Por Desperdicios."Yo gusto a causa de mi mal gusto"
Natalio R. Petroff, en Sal Gorda.
"Comparto la herejía de Caín. Dejo que mi hermano
se vaya al diablo a su propia manera"
Robert Louis Stevenson, El extraño caso del
Dr. Jekyll y Mr. Hyde.
Tengo veintinueve años, un trabajo de traductor que apenas me da para vivir, sufro un coma social y nunca podré practicar las obras completas de Kinsey con una mujer. Por lo demás, como buen retardado emocional, me siento cada vez más joven (vamos, como Tom Hanks en Big) y soy feliz: a mi madre le gusta el cine trash.
Sucedió un sábado por la noche. Mi madre se encontraba indispuesta, así que Supermierda no había salido con María, ni con sus amiguetes, y yo..., yo me quedaba en casa, como cualquier fin de semana. Estábamos viendo Sal Gorda (Fernando Trueba, 1983), un insípido gazpacho de comedia clásica, Woody Allen & Marshall Brickman y las parodias absurdistas firmadas por los Zucker-Abrahams, que inopinadamente pasaban por televisión. Supermierda se había mostrado de lo más obstinado (le encanta aquello que dio en llamarse "comedia madrileña", aunque yo no creo que haya aportado en verdad gran cosa, más allá de Ópera Prima, De Tripas Corazón y un puñado de divertidos cortometrajes), y nuestra madre había apoyado la elección, pese a que yo acababa de conseguir Buenas Noches, Señor Monstruo (Antonio Mercero, 1982), megacaspa musical disfrazada de film(ete) infantil (o viceversa). Esta preferencia viene de lejos: Supermierda es el pequeño y su favorito, el ideal. Entre ambos hay un extraordinario parecido, como si la belleza de nuestra madre se hubiese trasladado al sexo opuesto en la persona de mi hermano, y una confianza y entendimiento mutuos –los dos comparten entre otros intereses igualmente absurdos la afición por un vetusto folk partisano y/o redentor: Alberto Gambino, Violeta Parra (cuando yo siempre preferí a su hermano Nicanor)...; afición que, en el caso de mi hermano, no puedo sino juzgar más edípica que sincera.

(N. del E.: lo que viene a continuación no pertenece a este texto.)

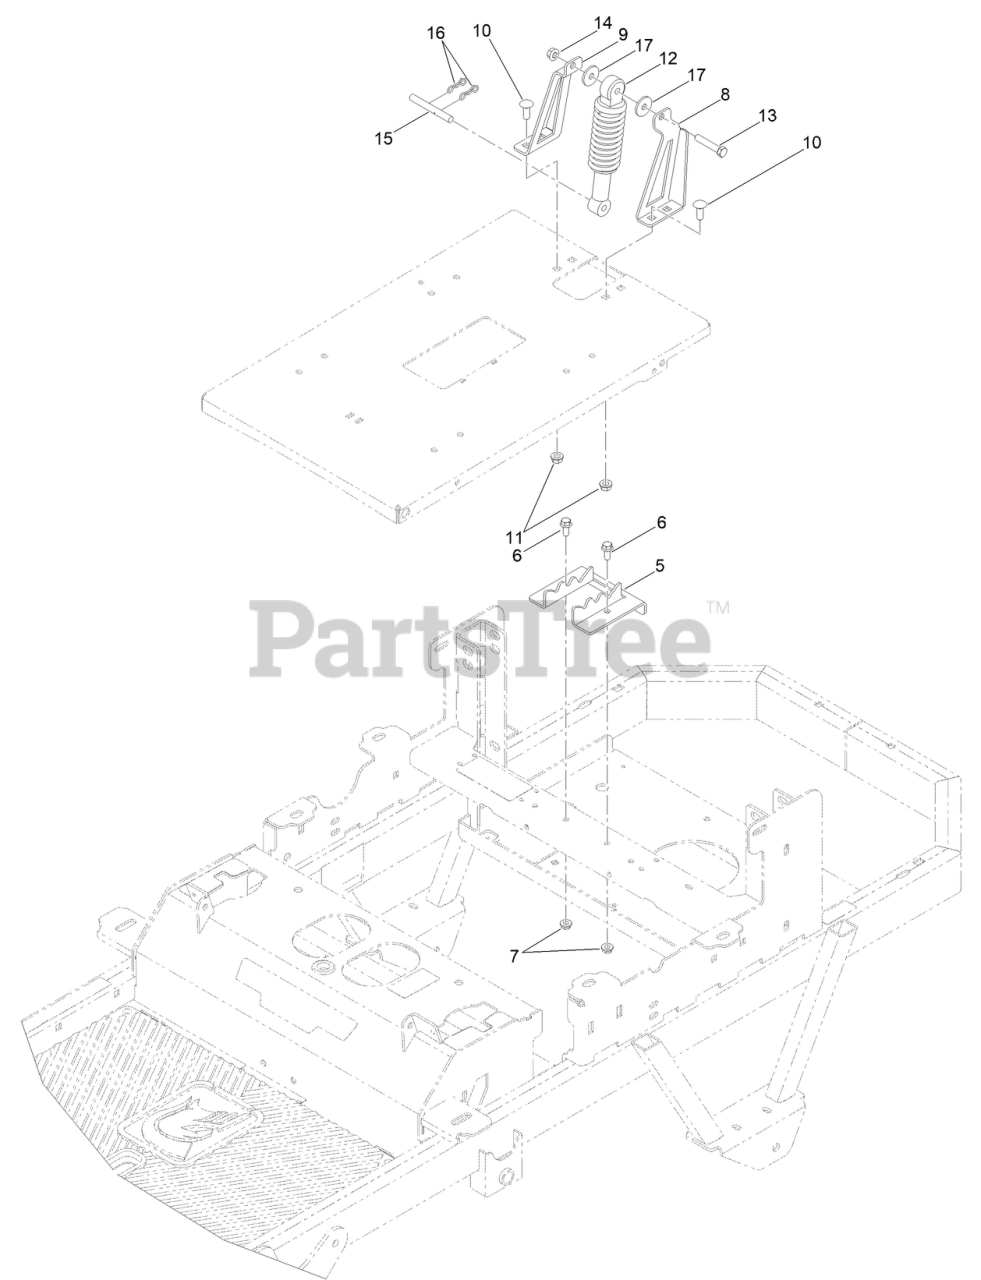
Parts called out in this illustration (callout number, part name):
5	RZ MWR SEAT SHOCK LWR MOUNT BRKT PAINT
6	SCREW-HHF
7	NUT-HF
8	RZ MWR SEAT SHOCK UPP MNT BRKT LT PAINT
9	RZ MWR SEAT SHOCK UPP MNT BRKT RT PAINT
10	SCREW-CARR
11	NUT-HHF, WHIZ
12	2020 RZ PRO SEAT / FT FORK SHOCK
13	3/8-16 X 2 HEX BOLT GR 5 ZINC YELLOW
15	RZ MWR SEAT SHOCK 10MM PIN
16	.073 DIA X 1-7/16IN HAIRPIN COTTER ZINC
17	FLT WASHER 1.25ODX.38IDX.125 THK PLA
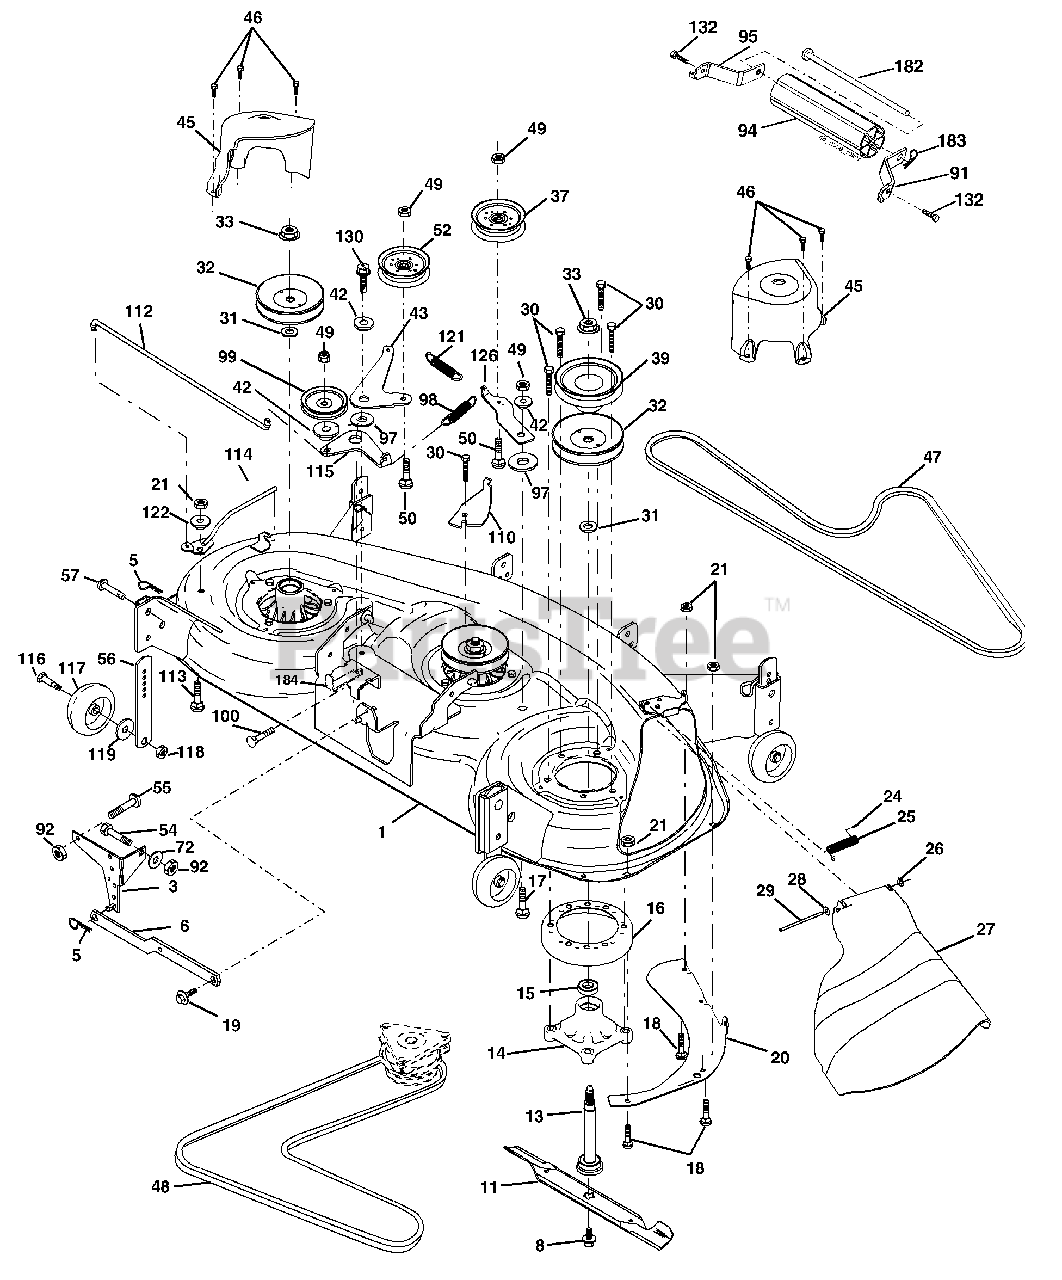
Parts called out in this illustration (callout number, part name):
1	Deck Weldment Mower 48
3	Bracket Asm., Sway Bar
5	Retainer Spring
6	Bar Sway Deck
8	Bolt 7/16 Asm. Blade
11	Blade, 48" Mulching
11	Blade, 48" Hi-Lift
13	Shaft Mandrel Asm. Greaseable
14	Housing Mandrel
15	Bearing, Ball, Mandrel
16	Stripper Mandrel Deck
17	Bolt RDHD Sq Neck 3/8-16 x 1.25
18	Bolt, Carriage 5/16-18 x 5/8
19	Bolt, Hex Hd, Shoulder 5/16-18
20	Baffle, Vortex Mower
21	Nut, Crownlock 5/16-18 unc
24	Cap, Sleeve
25	Spring, Torsion
26	Nut, Push
27	Deflector Shield
28	Washer 11/32 x 5/8 x 16 Ga.
29	Rod, Hinge
30	Screw, Thdroll
31	Washer, Spacer Mower Vented
32	Pulley, Mandrel
33	Nut, Flg. Top Lock Cntr. 9/16
37	Pulley, Idler
39	Pulley, Idler, Driven
42	Spacer, Retainer
43	Arm, Idler Secondary
45	Cover, Mandrel Deck
46	Screw, Thdroll. 1/4-20 x 5/8
47	V-Belt, Mower, Secondary
48	V-Belt, Mower, Primary
49	Nut, Crownlock 3/8-16 unc
50	Bolt, Carr. 3/8-16 x 1-1/2 Gr. 5
52	Pulley Idler Flat
54	Bolt Fin Hex 3/8-16 unc x 1 Gr. 5
55	Bolt Rdhd Sqnk 3/8-16 unc x 1
56	Bar Pnt Adj.
57	Pin Head Rivet
72	Washer 13/32 x 13/16 x 12 Ga.
91	Bracket Asm Noseroller RH
92	Nut Lock Hex w/Ins 3/8-16 unc
94	Noseroller
95	Bracket Asm Noseroller LH
97	Washer Hardened
98	Spring Primary Drive
99	Pulley Idler"V"
100	Bolt RDHD Sqnk 3/8-16 unc x 2
110	Arm Spring Secondary
112	Link Tension Relief Lever
113	Bolt Carr. 5/16-18 x 3/4
114	Tension Asm Relief Lever
115	Arm Spring Tension Relief
116	Bolt, Shoulder
117	Gauge Wheel
118	Nut, Centerlock 3/8-16 unc
119	Washer 3/8 x 7/8 x 14 Ga.
121	Spring Secondary Drive
122	Bushing Pivot Tension Relief
126	Arm, Idler, Primary Deck
130	Screw 3/8-16 x 1
132	Screw 3/8-16 x .75
182	Rod Roller Nose
183	Retainer Spring
184	Keeper Belt Idler
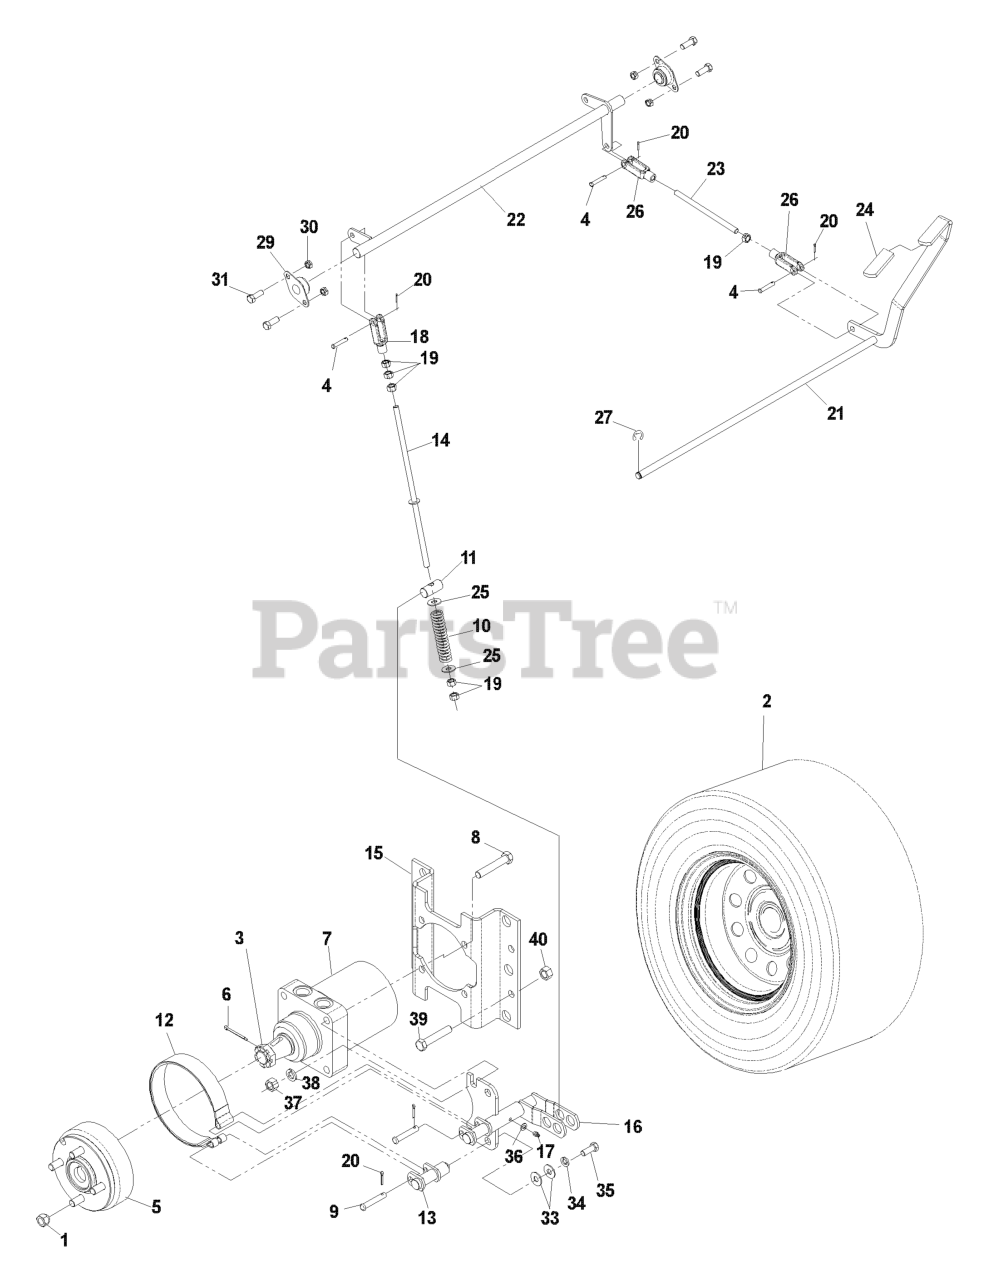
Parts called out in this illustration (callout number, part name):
1	LUG NUT 1/2F
2	WHEEL/TIRE.ASM.23X8.5-12.GREY
2	TIRE - 23X8.5-12
2	RIM.12X7.GRAY.+1".OFFSET.ZTR
2	VALVE STEM TR-412
2	WHEEL/TIRE.ASM.23X10.5-12.GREY
2	TIRE.TURF.MASTER.23X10.5-12
2	RIM 0 OFFSET 8.5" WIDE
3	NUT 3/4-16 HEX SLTD GR5 ZD
4	CLEVIS PIN 3/8 X 1 1/8
5	HUB W/BRAKE DRUM
6	PIN COTTER 4MM X 45MM
7	MB WHEEL MOTOR
8	HCS 1/2C X 2 3/4
9	CLEVIS PIN
10	COMPRESSION SPRING
11	TRUNION PIN
12	BRAKE BAND
13	BRAKE BAND SUPPORT
15	MOTOR STANDOFF
16	BRAKE WLDMNT
17	ZERK
18	YOKE-3/8-24 PLTD
20	RP_COTTER PIN 1/8 X 3/4
21	BRAKE LEVER WLDMNT
22	BRAKE CROSS SHAFT
23	LINKAGE - SHORT
24	GRIP, PARK BRAKE
25	WASHER, 7/16 DISC SPRING
26	YOKE-3/8-24 PLTD
27	E-RING 1/2 (2 2)
29	FLANGE BEARING
30	NUT 3/8-16 NYLOC
31	HCS 3/8-16X1.GRD.5.ZD
32	RP_COTTER PIN 1/8 X 3/4
33	WASHER 3/8 FLAT
34	SLW 3/8 STD
35	HEX BOLT 3/8 X 1"
37	NUT HEX 1/2
38	WASHER 1/2" SPLIT LOCK
39	HCS 1/2C X 1 1/4 SERRATED HEAD
40	NUT 1/2-13 HEX NYLOC ZD
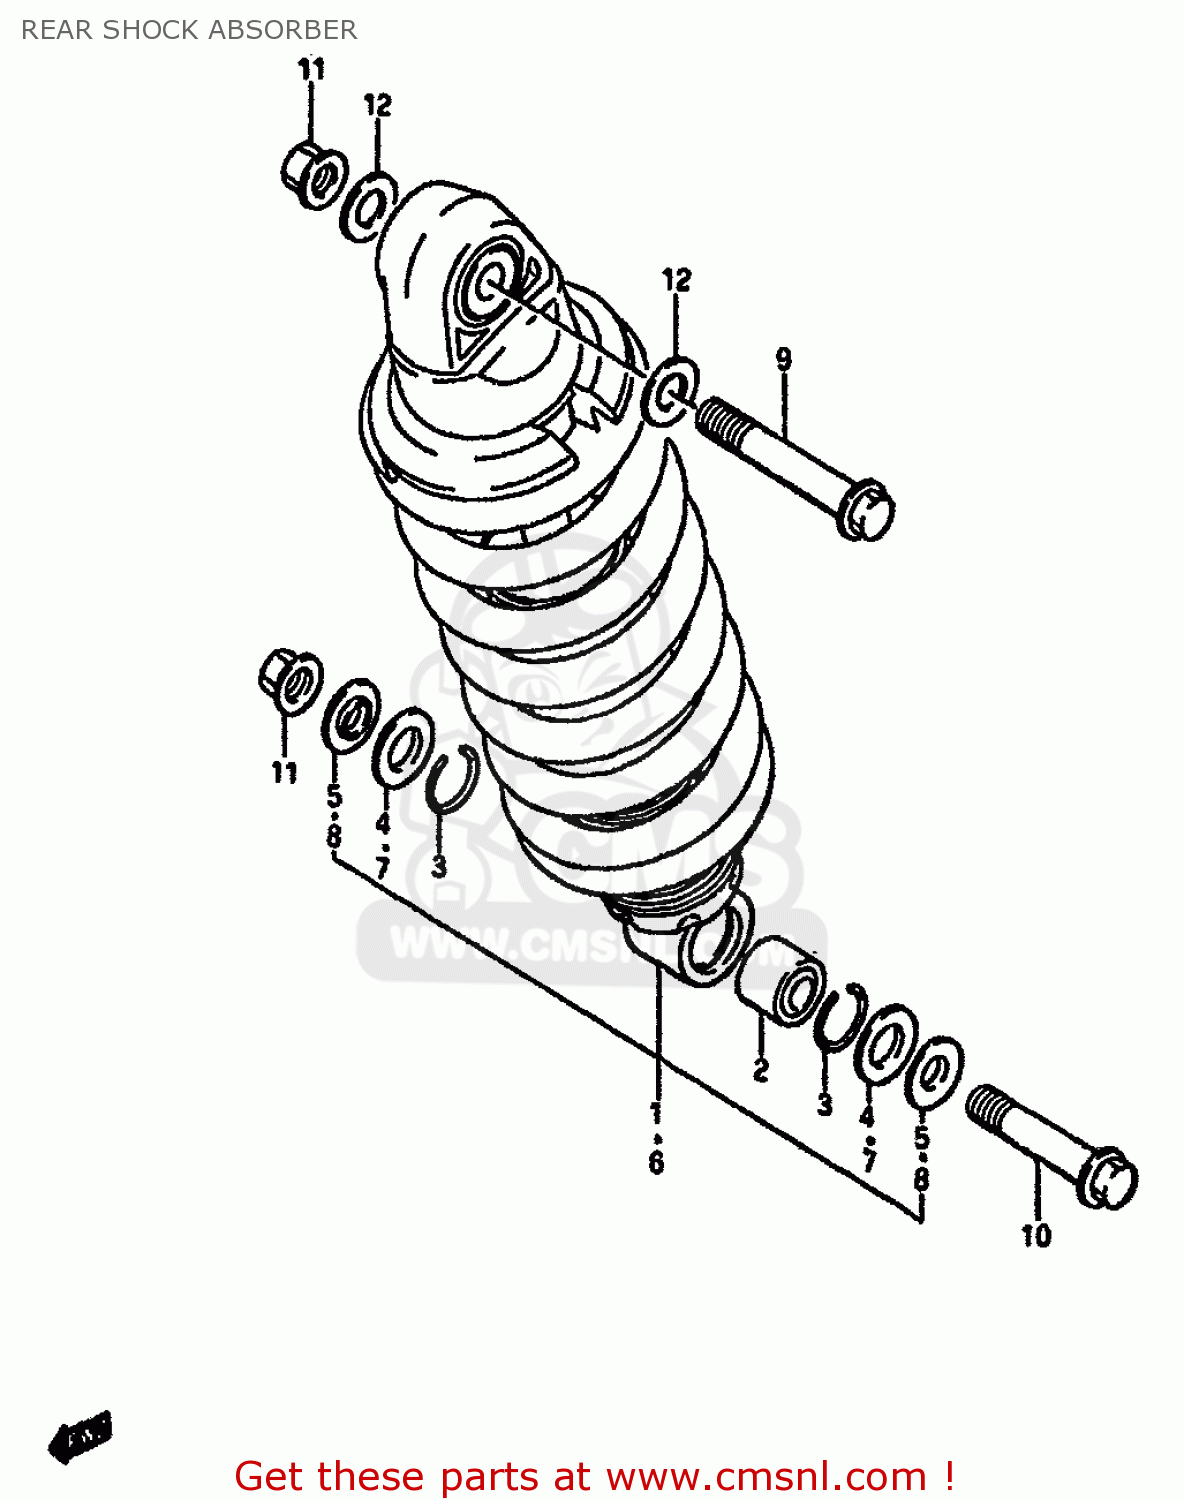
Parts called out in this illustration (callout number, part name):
1	ABSORBER ASSEMBLY,REAR SHOCK
2	BEARING,REAR SHOCK ABSORBER
3	RING
4	SEAL,DUST UPR
5	COLLAR,UPR
6	ABSORBER ASSY,RR SHOCK
7	SEAL DUST
8	COLLAR
9	BOLT
10	BOLT,RR CUSHION ROD UPR
11	NUT
12	WASHER,REAR SHOCK ABSORBER

Resoplé y me levanté del sofá. Supermierda no salía de su asombro; nuestra madre se miraba las uñas, distraída. Comencé a echar a pestes. Aquello era un bodrio como un piano, y lo peor es que apenas se seguía con algo de emoción: las subtramas eran insustanciales, el ritmo, antes que vertiginoso, resultaba atolondrado y el desarrollo plomizo, de una torpeza digna de récord. Como colofón, había un romance de vídeo–clip y hasta un par de canciones de Nacho Cano. La "Escuela de Yucatán" a tomar por saco.
A fin de cuentas, dije, Sal Gorda parece dirigida por un imitador de Trueba, por uno discreto y coyuntural, alguien que decidió beneficiarse de su éxito, tal vez queriendo ser igual de divertido, pero con una insufrible actitud crematística. Algo así como un reflejo botarate del propio cineasta: Mr. Hyde, Caín o William Wilson rodando una comedia madrileña cargada de mala pata.
Resulta difícil imaginar por qué en ese momento me acordé del negado W. Lee Wilder, hermano mayor del genial Billy y responsable de subproductos extrabaratos, extrarápidos y extraterrestres (los más risones, Phantom from Space y Killers from Space, están considerados auténticas delicias por los amantes del trash más infame). Tal vez influyera el recuerdo de la conocida admiración de Trueba por el Wilder más celebre, no lo sé; en cualquier caso, mi madre apagó la televisión, y un alelado Óscar Ladoire se esfumó hasta convertirse en un punto blanco en la pantalla.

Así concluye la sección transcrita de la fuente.